C-Alpha-Methyl-L-Valine: A Preferential Choice Over Alpha-Aminoisobutyric Acid For Designing Right-Handed Alpha-Helical Scaffolds

In synthetic peptides containing Gly and coded alpha-amino acids, one of the most common practices to enhance their helical extent is to incorporate a large number of L-Ala residues along with noncoded, strongly foldameric alpha-aminoisobutyric acid (Aib) units. Earlier studies have established that Aib-based peptides, with propensity for both the 3(10)- and alpha-helices, have a tendency to form ordered three-dimensional structure that is much stronger than that exhibited by their L-Ala rich counterparts. However, the achiral nature of Aib induces an inherent, equal preference for the right- and left-handed helical conformations as found in Aib homopeptide stretches.

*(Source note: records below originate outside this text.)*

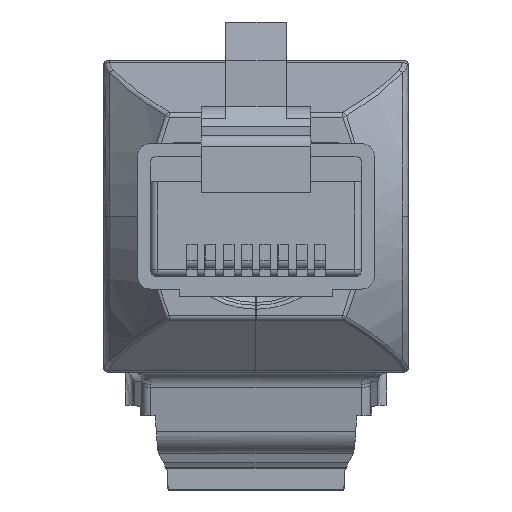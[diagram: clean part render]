
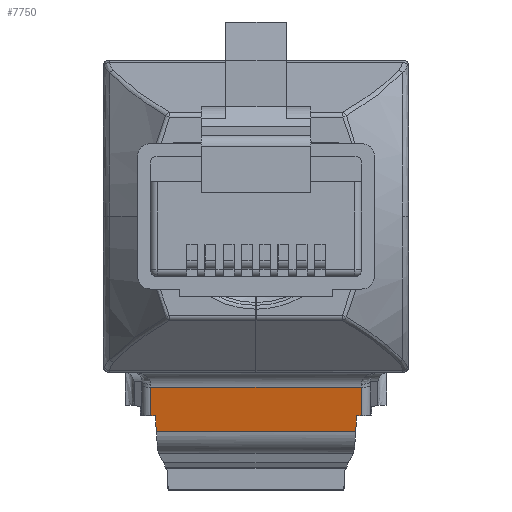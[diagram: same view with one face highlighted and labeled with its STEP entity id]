
A CAD part, left-side view. The second image highlights one B-rep face of the part: STEP entity #7750.
In plain terms, the highlighted planar face has unit normal (-0.985, 0, -0.174).
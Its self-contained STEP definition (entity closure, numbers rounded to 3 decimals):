
#42 = EDGE_CURVE ( 'NONE', #46136, #39650, #67711, .T. ) ;
#1389 = ORIENTED_EDGE ( 'NONE', *, *, #33897, .T. ) ;
#1797 = VECTOR ( 'NONE', #16121, 1000. ) ;
#3291 = LINE ( 'NONE', #5129, #43766 ) ;
#5129 = CARTESIAN_POINT ( 'NONE',  ( -18.636, 5.875, -8.426 ) ) ;
#5144 = CARTESIAN_POINT ( 'NONE',  ( -18.2, -6.8, -10.896 ) ) ;
#7750 = ADVANCED_FACE ( 'NONE', ( #57443 ), #50827, .T. ) ;
#9112 = CARTESIAN_POINT ( 'NONE',  ( -18.2, -5.556, -10.896 ) ) ;
#10123 = VECTOR ( 'NONE', #12480, 1000. ) ;
#10688 = CARTESIAN_POINT ( 'NONE',  ( -18.357, 5.61, -10.006 ) ) ;
#12480 = DIRECTION ( 'NONE',  ( 0., 1., 0. ) ) ;
#13034 = CARTESIAN_POINT ( 'NONE',  ( -18.357, -5.861, -10.006 ) ) ;
#14394 = DIRECTION ( 'NONE',  ( -0.173, -0.059, 0.983 ) ) ;
#16121 = DIRECTION ( 'NONE',  ( -0.174, -0.009, 0.985 ) ) ;
#16389 = VECTOR ( 'NONE', #33457, 1000. ) ;
#18221 = CARTESIAN_POINT ( 'NONE',  ( -18.357, 5.61, -10.006 ) ) ;
#19188 = LINE ( 'NONE', #9112, #41557 ) ;
#19200 = EDGE_CURVE ( 'NONE', #45642, #46006, #19188, .T. ) ;
#19216 = DIRECTION ( 'NONE',  ( -0.985, 0., -0.174 ) ) ;
#24793 = ORIENTED_EDGE ( 'NONE', *, *, #30523, .T. ) ;
#28475 = DIRECTION ( 'NONE',  ( 0.173, -0.059, -0.983 ) ) ;
#30325 = CARTESIAN_POINT ( 'NONE',  ( -18.357, 14.153, -10.006 ) ) ;
#30523 = EDGE_CURVE ( 'NONE', #39650, #31918, #33296, .T. ) ;
#31346 = LINE ( 'NONE', #49139, #16389 ) ;
#31499 = CARTESIAN_POINT ( 'NONE',  ( -18.357, -5.861, -10.006 ) ) ;
#31918 = VERTEX_POINT ( 'NONE', #56077 ) ;
#32136 = DIRECTION ( 'NONE',  ( 0., -1., 0. ) ) ;
#32697 = EDGE_CURVE ( 'NONE', #61073, #66106, #47484, .T. ) ;
#33296 = LINE ( 'NONE', #54263, #10123 ) ;
#33457 = DIRECTION ( 'NONE',  ( 0., -1., 0. ) ) ;
#33897 = EDGE_CURVE ( 'NONE', #58156, #61073, #56645, .T. ) ;
#36023 = ORIENTED_EDGE ( 'NONE', *, *, #19200, .T. ) ;
#37805 = CARTESIAN_POINT ( 'NONE',  ( -18.357, -5.61, -10.006 ) ) ;
#38274 = ORIENTED_EDGE ( 'NONE', *, *, #61321, .T. ) ;
#39650 = VERTEX_POINT ( 'NONE', #63449 ) ;
#40272 = DIRECTION ( 'NONE',  ( 0.174, 0., -0.985 ) ) ;
#40507 = CARTESIAN_POINT ( 'NONE',  ( -18.636, -6.8, -8.426 ) ) ;
#41557 = VECTOR ( 'NONE', #14394, 1000. ) ;
#42968 = EDGE_LOOP ( 'NONE', ( #59105, #36023, #68231, #50020, #24793, #38274, #1389, #58217 ) ) ;
#43443 = EDGE_CURVE ( 'NONE', #46006, #46136, #31346, .T. ) ;
#43632 = LINE ( 'NONE', #5144, #59225 ) ;
#43680 = CARTESIAN_POINT ( 'NONE',  ( -18.2, -5.556, -10.896 ) ) ;
#43766 = VECTOR ( 'NONE', #62772, 1000. ) ;
#45642 = VERTEX_POINT ( 'NONE', #43680 ) ;
#46006 = VERTEX_POINT ( 'NONE', #37805 ) ;
#46136 = VERTEX_POINT ( 'NONE', #13034 ) ;
#46187 = DIRECTION ( 'NONE',  ( 0., -1., 0. ) ) ;
#47484 = LINE ( 'NONE', #18221, #63174 ) ;
#48335 = VECTOR ( 'NONE', #46187, 1000. ) ;
#48621 = AXIS2_PLACEMENT_3D ( 'NONE', #40507, #19216, #40272 ) ;
#49139 = CARTESIAN_POINT ( 'NONE',  ( -18.357, -14.153, -10.006 ) ) ;
#50020 = ORIENTED_EDGE ( 'NONE', *, *, #42, .T. ) ;
#50827 = PLANE ( 'NONE',  #48621 ) ;
#52744 = CARTESIAN_POINT ( 'NONE',  ( -18.2, 5.556, -10.896 ) ) ;
#54263 = CARTESIAN_POINT ( 'NONE',  ( -18.636, -6.8, -8.426 ) ) ;
#56077 = CARTESIAN_POINT ( 'NONE',  ( -18.636, 5.875, -8.426 ) ) ;
#56645 = LINE ( 'NONE', #30325, #48335 ) ;
#57443 = FACE_OUTER_BOUND ( 'NONE', #42968, .T. ) ;
#58156 = VERTEX_POINT ( 'NONE', #58258 ) ;
#58217 = ORIENTED_EDGE ( 'NONE', *, *, #32697, .T. ) ;
#58258 = CARTESIAN_POINT ( 'NONE',  ( -18.357, 5.861, -10.006 ) ) ;
#59105 = ORIENTED_EDGE ( 'NONE', *, *, #59826, .T. ) ;
#59225 = VECTOR ( 'NONE', #32136, 1000. ) ;
#59826 = EDGE_CURVE ( 'NONE', #66106, #45642, #43632, .T. ) ;
#61073 = VERTEX_POINT ( 'NONE', #10688 ) ;
#61321 = EDGE_CURVE ( 'NONE', #31918, #58156, #3291, .T. ) ;
#62772 = DIRECTION ( 'NONE',  ( 0.174, -0.009, -0.985 ) ) ;
#63174 = VECTOR ( 'NONE', #28475, 1000. ) ;
#63449 = CARTESIAN_POINT ( 'NONE',  ( -18.636, -5.875, -8.426 ) ) ;
#66106 = VERTEX_POINT ( 'NONE', #52744 ) ;
#67711 = LINE ( 'NONE', #31499, #1797 ) ;
#68231 = ORIENTED_EDGE ( 'NONE', *, *, #43443, .T. ) ;

This property poses challenges in the analysis of a model peptide helical conformation based on chirospectroscopic techniques like electronic circular dichroism (ECD), a very important tool for assigning secondary structures. To overcome such ambiguity, we have synthesized and investigated a thermally stable 14-mer peptide in which each of the Aib residues of our previously designed and reported analogue ABGY (where B stands for Aib) is replaced by C-alpha-methyl-L-valine (L-AMV). Analysis of the results described here from complementary ECD and H-1 nuclear magnetic resonance spectroscopic techniques in a variety of environments firmly establishes that the L-AMV-containing peptide exhibits a significantly stronger preference compared to that of its Aib parent in terms of conferring alpha-helical character. Furthermore, being a chiral alpha-amino acid, L-AMV shows an intrinsic, extremely strong bias for a quite specific (right-handed) screw sense. These findings emphasize the relevance of L-AMV as a more appropriate unit for the design of right-handed alpha-helical peptide models that may be utilized as conformationally constrained scaffolds.